Observation: The best F1 score comes at Max_depth of 5 for the Decision Tree (0.5661538461538461)

In [None]:
# Finding the best n_estimator for the Random Forest model

for n_est in range(11, 20):
        model_rf = RandomForestClassifier(random_state=12345, n_estimators=n_est, class_weight = 'balanced',max_depth = 7)

        model_rf.fit(features_train, target_train) 

        rf_pred = model_rf.predict(features_valid) 

        print("n_estimator =", n_est, ": ", end='')
        print(f1_score(target_valid, rf_pred))
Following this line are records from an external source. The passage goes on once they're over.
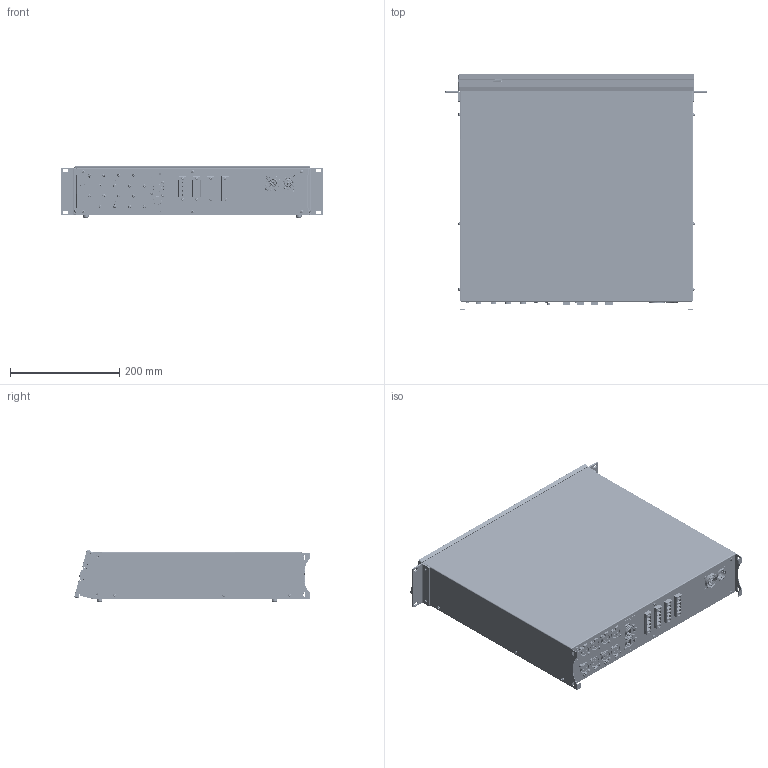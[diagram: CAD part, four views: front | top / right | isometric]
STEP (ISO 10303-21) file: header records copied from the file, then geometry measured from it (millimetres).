
FILE_DESCRIPTION(/* description */ (''),/* implementation_level */ '2;1');
FILE_NAME(/* name */ 'Kommader-KA208+',/* time_stamp */ '2026-03-16T12:58:51+01:00',/* author */ (''),/* organization */ (''),/* preprocessor_version */ 'ST-DEVELOPER v19.2',/* originating_system */ 'Rhino 8.24',/* authorisation */ '');
FILE_SCHEMA (('CONFIG_CONTROL_DESIGN'));
Products named in the file (14): Document; VTA03X10RTIN01; hexa csunk flathd screw_iso_ISO 14581 M3x10x10-C; hexalobular socket pan head_iso_ISO 14583 - M3 x 6 x 5 - 4.8-N; CONM04P762; PWRCONNTFMTRUE1; hex tapping screws_iso_Tapping Screw ISO 14585 - ST2.9 x 9.5-C-N; MCP139A16_01; MMFTT04X05; MCP145A02_04; VTM04X10STIN0; MCP145A04_01; MCP145A05_03; MCP145A06_01_MCP145A06ABS_01
Bounding box: 478.5 x 431.49 x 96 mm (x, y, z)
Volume: 893609.3 mm3; surface area: 1274026 mm2
Topology: 118 solids, 139 shells, 16625 faces, 46756 edges, 30675 vertices
Faces by surface type: plane 7773, cylinder 6777, bspline 2075
Entity records: 507303 total; most frequent: CARTESIAN_POINT 190716, ORIENTED_EDGE 77919, EDGE_CURVE 39081, DIRECTION 37816, VERTEX_POINT 26048, B_SPLINE_CURVE_WITH_KNOTS 25767, AXIS2_PLACEMENT_3D 25040, EDGE_LOOP 15930

n_estimator = 11 : 0.6037735849056604
n_estimator = 12 : 0.6068476977567886
n_estimator = 13 : 0.6173708920187794
n_estimator = 14 : 0.6093023255813954
n_estimator = 15 : 0.6186046511627907
n_estimator = 16 : 0.6119577960140681
n_estimator = 17 : 0.6102088167053364
n_estimator = 18 : 0.6157407407407408
n_estimator = 19 : 0.610011641443539


Best n_estimator is 15 which gives F1 score of 0.6186046511627907

In [None]:
# Recreating the models with the improved parameters
model_lr = LogisticRegression(random_state=12345, class_weight='balanced', solver='liblinear')
model_rf = RandomForestClassifier(random_state=12345, n_estimators=15, class_weight = 'balanced', max_depth = 7)
model_dt = DecisionTreeClassifier(random_state=12345, class_weight = 'balanced', max_depth = 5)

In [None]:
# Retraining the models
model_lr.fit(features_train, target_train)
model_rf.fit(features_train, target_train)
model_dt.fit(features_train, target_train)

DecisionTreeClassifier(ccp_alpha=0.0, class_weight='balanced', criterion='gini',
                       max_depth=5, max_features=None, max_leaf_nodes=None,
                       min_impurity_decrease=0.0, min_impurity_split=None,
                       min_samples_leaf=1, min_samples_split=2,
                       min_weight_fraction_leaf=0.0, presort='deprecated',
                       random_state=12345, splitter='best')

Testing the models

In [None]:
# Splitting the test dataset to features and target

test_features = new_df_test.drop('Exited', axis = 1)
test_target = new_df_test['Exited']

In [None]:
# Making predictions with the three trained models

lr_pred = model_lr.predict(test_features)
rf_pred = model_rf.predict(test_features)
dt_pred = model_dt.predict(test_features)

In [None]:
# Evaluating the F1 Score for each model on the test dataset

print('Logistic Regression F1 score: ', f1_score(test_target, lr_pred))
print("Random Forest F1 score: ", f1_score(test_target, rf_pred))
print("Decision Tree F1 score: ",f1_score(test_target, dt_pred))

Logistic Regression F1 score:  0.5152091254752852
Random Forest F1 score:  0.6186046511627907
Decision Tree F1 score:  0.5661538461538461


Findings: The best model is the Random Forest with F1 score of 0.6186046511627907.